## DATASET CONTENT

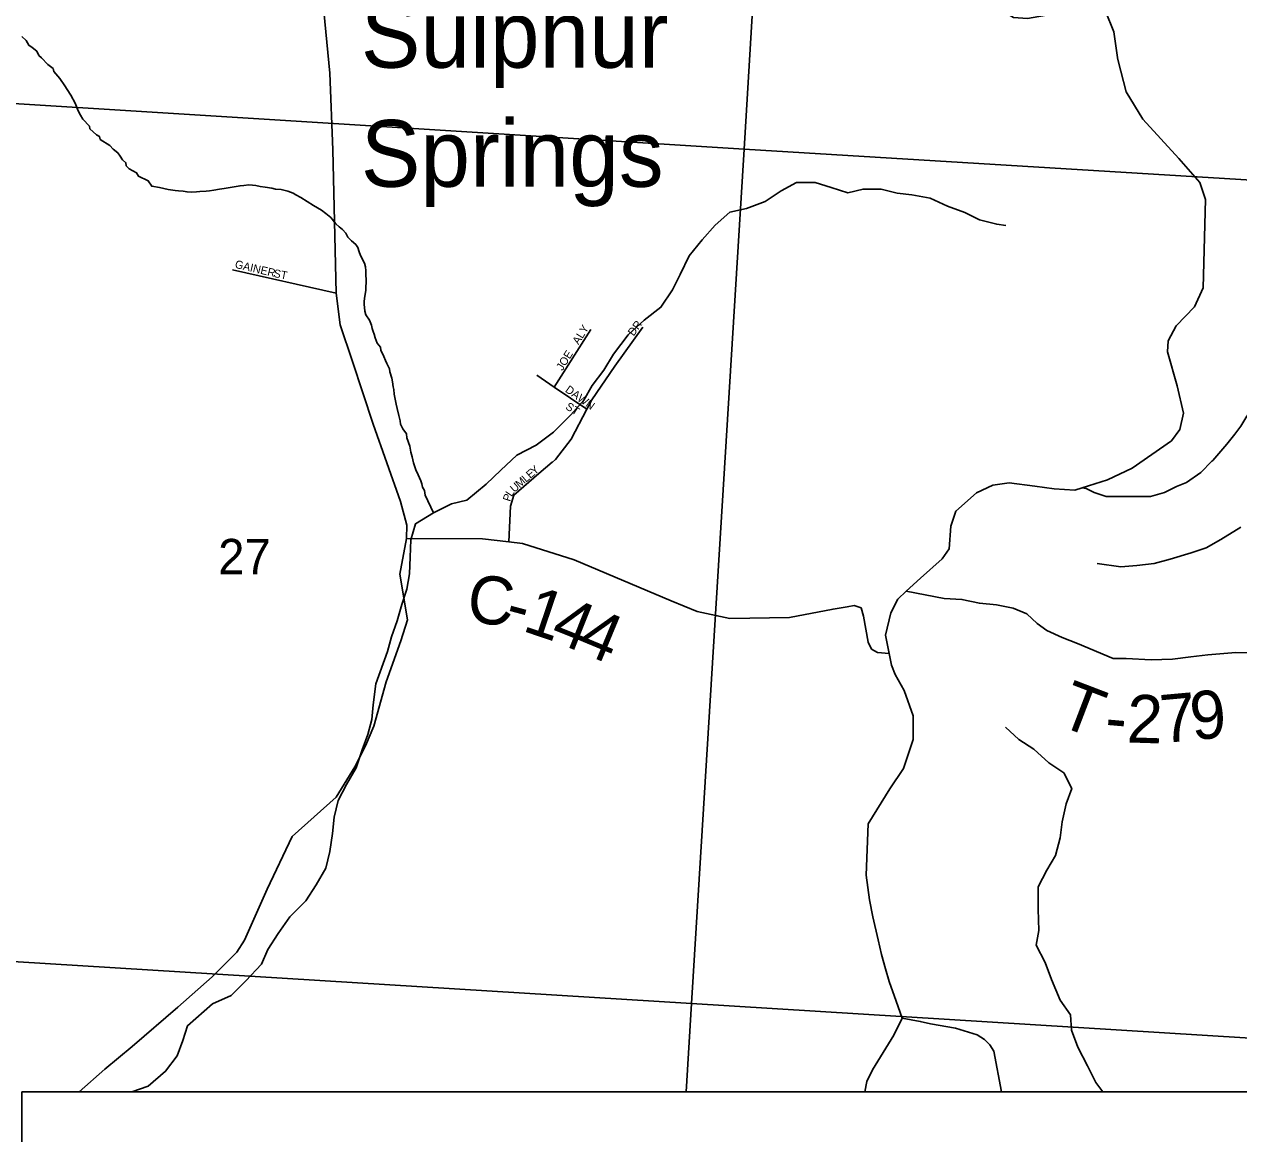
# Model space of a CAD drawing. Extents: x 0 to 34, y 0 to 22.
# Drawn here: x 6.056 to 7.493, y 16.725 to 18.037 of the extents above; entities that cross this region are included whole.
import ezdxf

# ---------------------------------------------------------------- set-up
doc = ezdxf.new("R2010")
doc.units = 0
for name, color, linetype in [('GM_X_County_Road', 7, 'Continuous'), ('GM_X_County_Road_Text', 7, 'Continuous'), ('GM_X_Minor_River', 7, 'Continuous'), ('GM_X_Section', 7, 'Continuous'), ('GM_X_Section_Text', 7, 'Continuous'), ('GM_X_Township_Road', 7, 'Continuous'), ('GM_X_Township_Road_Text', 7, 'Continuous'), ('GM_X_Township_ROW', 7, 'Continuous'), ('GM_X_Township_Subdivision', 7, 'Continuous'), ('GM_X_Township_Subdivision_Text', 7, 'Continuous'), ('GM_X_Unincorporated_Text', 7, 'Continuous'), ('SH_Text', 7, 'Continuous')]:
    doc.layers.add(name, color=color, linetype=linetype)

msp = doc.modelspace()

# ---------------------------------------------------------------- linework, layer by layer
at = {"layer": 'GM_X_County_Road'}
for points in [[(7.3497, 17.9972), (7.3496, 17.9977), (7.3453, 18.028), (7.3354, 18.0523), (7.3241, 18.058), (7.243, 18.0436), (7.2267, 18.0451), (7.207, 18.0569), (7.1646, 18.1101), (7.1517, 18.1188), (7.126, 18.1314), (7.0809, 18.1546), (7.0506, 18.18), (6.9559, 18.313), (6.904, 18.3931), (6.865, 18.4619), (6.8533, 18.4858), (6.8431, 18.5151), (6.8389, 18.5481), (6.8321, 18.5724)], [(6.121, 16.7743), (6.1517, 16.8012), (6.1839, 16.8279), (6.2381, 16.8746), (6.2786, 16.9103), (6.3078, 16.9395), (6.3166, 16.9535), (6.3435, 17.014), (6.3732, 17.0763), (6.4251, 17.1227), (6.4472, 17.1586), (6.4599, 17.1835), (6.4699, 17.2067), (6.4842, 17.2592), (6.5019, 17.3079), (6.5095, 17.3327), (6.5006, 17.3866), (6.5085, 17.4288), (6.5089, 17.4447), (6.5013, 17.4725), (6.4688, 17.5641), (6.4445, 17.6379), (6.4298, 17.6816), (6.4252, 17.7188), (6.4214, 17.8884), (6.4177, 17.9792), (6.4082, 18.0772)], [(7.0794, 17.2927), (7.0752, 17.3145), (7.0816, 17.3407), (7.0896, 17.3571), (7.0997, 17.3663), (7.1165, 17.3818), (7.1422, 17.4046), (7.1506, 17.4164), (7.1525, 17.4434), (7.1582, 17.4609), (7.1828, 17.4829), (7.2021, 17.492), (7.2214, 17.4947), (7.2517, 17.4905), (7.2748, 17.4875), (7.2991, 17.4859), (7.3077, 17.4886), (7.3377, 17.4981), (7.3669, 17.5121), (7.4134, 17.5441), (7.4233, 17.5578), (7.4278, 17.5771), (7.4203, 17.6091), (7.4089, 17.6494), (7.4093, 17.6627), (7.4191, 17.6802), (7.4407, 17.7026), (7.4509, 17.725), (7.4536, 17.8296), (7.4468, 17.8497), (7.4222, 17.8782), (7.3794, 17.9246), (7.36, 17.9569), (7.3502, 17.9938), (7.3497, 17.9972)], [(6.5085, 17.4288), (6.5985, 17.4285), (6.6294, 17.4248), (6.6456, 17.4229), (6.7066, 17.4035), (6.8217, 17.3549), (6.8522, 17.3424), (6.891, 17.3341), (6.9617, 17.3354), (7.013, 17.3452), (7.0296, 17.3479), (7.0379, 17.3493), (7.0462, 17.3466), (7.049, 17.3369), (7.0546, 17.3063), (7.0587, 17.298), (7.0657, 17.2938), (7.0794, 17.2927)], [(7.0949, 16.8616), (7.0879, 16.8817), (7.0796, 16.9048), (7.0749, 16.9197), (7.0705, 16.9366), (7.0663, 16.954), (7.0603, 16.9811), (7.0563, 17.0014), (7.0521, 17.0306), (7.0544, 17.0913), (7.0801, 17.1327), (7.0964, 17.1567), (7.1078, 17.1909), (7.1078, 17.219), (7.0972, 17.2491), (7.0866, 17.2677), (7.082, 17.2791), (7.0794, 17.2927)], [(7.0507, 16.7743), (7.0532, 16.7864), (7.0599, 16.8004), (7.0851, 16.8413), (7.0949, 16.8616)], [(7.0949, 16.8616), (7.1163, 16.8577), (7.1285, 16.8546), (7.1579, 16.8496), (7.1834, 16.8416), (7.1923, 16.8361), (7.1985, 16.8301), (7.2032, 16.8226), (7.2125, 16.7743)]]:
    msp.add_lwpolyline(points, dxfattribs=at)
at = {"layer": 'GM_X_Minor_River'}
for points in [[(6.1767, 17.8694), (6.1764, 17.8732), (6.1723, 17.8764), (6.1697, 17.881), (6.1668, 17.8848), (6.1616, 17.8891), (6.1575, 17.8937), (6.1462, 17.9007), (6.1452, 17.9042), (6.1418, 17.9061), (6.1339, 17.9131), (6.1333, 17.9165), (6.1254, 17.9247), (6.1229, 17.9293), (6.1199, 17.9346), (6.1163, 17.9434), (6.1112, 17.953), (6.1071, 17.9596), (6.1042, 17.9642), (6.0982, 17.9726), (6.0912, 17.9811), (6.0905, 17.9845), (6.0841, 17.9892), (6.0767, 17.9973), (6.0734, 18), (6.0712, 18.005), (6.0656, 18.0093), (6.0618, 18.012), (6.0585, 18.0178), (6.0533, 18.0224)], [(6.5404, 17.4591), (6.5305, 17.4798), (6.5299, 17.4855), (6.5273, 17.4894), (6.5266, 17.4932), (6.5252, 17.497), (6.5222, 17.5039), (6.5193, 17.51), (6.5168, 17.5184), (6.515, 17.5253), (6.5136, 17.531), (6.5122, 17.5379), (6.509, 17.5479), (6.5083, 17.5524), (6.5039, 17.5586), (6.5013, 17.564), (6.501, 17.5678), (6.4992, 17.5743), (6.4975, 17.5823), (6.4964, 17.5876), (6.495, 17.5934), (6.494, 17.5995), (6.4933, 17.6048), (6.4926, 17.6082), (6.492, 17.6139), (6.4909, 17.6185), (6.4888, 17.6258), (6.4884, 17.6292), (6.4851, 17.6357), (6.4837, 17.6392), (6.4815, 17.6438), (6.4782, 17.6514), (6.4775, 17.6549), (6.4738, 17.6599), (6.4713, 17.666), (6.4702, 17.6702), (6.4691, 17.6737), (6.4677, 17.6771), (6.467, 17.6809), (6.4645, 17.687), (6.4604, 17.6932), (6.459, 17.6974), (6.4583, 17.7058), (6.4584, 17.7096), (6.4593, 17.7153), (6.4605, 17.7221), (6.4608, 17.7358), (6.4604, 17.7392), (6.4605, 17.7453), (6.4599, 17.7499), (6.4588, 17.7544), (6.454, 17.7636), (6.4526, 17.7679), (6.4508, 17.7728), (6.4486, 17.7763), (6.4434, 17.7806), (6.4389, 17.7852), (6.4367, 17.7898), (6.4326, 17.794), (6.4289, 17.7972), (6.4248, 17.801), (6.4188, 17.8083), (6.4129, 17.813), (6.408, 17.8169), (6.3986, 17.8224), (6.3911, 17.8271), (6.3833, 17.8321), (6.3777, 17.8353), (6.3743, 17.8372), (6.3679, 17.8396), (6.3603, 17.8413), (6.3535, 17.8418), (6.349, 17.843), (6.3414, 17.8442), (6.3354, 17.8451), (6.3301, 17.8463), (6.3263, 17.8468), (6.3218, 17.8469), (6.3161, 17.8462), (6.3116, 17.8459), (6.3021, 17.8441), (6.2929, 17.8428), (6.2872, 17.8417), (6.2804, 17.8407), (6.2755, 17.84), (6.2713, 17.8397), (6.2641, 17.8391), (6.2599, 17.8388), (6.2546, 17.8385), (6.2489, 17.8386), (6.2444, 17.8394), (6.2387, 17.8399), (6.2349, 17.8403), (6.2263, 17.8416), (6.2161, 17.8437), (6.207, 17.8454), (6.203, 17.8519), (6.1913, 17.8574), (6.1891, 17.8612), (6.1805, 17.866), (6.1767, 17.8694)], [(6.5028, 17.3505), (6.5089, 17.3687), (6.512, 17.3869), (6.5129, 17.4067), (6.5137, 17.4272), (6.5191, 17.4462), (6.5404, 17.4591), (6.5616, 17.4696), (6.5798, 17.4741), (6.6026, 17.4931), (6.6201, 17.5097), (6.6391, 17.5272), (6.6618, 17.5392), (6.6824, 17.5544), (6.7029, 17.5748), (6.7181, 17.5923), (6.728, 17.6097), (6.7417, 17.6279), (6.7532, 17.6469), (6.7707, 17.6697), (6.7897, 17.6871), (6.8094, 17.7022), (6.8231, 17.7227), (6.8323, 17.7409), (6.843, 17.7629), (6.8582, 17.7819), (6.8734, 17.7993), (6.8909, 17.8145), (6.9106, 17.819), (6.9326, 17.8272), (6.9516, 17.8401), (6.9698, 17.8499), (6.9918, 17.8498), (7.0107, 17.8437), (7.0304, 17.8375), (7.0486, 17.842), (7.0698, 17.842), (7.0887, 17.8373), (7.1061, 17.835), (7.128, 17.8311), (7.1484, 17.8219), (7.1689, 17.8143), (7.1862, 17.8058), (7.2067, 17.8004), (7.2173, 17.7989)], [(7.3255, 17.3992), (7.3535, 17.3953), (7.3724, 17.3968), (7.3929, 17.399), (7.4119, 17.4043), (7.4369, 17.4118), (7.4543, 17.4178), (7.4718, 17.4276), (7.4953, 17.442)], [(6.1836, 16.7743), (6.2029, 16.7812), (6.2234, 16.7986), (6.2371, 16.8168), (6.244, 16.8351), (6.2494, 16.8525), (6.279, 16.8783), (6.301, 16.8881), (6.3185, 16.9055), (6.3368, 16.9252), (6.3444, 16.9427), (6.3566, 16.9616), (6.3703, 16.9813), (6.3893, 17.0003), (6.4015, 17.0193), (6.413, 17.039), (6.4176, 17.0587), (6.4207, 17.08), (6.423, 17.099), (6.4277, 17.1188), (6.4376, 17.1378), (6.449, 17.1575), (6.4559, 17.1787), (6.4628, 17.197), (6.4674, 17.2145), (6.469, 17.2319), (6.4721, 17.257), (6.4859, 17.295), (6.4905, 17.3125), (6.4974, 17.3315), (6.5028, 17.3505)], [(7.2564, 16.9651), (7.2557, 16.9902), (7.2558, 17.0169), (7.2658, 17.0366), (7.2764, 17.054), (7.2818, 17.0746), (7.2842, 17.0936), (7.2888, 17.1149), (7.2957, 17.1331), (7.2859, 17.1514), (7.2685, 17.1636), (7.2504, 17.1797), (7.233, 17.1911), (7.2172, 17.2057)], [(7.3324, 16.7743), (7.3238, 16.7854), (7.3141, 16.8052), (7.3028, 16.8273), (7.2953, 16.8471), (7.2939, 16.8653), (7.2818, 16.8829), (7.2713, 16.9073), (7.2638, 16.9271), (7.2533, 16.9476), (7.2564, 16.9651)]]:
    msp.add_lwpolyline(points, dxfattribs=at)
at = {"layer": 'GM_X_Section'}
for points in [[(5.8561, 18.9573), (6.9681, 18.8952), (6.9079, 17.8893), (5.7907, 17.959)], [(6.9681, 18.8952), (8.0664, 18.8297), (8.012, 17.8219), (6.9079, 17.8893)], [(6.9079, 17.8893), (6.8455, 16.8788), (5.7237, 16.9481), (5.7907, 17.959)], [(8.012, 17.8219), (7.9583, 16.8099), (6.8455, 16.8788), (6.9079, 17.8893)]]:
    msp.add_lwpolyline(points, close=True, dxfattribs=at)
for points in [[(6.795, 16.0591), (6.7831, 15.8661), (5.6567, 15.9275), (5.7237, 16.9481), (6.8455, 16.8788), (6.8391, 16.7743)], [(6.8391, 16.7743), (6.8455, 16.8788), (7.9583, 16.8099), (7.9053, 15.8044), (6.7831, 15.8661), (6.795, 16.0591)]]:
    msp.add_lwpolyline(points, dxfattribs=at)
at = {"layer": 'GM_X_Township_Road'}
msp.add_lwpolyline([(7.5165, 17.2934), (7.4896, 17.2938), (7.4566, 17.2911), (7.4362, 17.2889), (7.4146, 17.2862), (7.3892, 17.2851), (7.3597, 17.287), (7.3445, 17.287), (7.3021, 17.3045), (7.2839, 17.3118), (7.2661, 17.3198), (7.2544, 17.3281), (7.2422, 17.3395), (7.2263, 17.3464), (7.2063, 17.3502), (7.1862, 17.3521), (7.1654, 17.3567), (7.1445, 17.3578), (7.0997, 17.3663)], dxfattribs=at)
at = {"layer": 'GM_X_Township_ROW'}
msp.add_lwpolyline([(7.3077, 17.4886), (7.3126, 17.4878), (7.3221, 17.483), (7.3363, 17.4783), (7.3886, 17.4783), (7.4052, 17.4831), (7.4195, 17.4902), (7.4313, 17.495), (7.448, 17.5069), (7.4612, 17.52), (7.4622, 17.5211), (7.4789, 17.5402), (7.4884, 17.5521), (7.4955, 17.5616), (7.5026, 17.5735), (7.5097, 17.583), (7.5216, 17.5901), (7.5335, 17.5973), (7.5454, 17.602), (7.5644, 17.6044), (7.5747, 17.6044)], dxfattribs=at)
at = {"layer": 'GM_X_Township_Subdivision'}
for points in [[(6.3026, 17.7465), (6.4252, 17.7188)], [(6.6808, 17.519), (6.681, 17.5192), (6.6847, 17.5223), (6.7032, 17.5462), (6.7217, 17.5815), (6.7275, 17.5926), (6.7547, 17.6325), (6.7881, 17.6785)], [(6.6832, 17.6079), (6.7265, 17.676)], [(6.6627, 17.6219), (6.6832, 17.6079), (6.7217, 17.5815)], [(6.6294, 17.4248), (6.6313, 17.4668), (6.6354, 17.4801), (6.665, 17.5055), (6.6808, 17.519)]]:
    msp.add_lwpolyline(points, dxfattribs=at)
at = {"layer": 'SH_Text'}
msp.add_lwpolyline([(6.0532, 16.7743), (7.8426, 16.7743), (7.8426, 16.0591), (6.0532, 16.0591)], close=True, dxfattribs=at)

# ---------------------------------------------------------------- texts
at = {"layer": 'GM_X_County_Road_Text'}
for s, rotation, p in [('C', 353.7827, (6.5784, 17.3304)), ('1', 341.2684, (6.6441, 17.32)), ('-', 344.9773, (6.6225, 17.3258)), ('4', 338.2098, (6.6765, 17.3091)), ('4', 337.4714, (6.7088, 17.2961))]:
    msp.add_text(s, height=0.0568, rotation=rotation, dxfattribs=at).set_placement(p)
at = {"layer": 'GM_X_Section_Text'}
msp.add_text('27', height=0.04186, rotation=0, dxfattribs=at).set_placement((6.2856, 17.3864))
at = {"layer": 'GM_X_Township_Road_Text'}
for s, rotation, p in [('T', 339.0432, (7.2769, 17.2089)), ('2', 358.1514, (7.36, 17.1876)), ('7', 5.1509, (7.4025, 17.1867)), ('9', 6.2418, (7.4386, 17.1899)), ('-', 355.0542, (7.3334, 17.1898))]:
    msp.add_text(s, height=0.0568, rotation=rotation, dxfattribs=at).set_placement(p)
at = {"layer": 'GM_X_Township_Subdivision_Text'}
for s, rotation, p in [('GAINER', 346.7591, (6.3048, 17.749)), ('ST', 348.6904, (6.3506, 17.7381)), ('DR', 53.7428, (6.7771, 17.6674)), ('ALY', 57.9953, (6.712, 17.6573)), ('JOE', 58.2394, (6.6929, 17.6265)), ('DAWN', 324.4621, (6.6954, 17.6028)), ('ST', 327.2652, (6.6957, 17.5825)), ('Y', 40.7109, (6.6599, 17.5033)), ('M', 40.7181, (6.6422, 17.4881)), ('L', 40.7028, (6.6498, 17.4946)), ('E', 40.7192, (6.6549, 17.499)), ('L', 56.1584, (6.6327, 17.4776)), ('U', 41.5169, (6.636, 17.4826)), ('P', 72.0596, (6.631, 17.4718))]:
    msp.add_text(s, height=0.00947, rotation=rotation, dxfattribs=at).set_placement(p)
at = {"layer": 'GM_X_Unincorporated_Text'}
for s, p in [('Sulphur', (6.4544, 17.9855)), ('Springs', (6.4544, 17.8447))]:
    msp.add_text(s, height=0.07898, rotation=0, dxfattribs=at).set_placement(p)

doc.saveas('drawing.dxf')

## YOUR ASSIGNMENT
Using the records above, copy all lines that include the word "close".

## RESULT OF THIS TASK
    msp.add_lwpolyline(points, close=True, dxfattribs=at)
msp.add_lwpolyline([(6.0532, 16.7743), (7.8426, 16.7743), (7.8426, 16.0591), (6.0532, 16.0591)], close=True, dxfattribs=at)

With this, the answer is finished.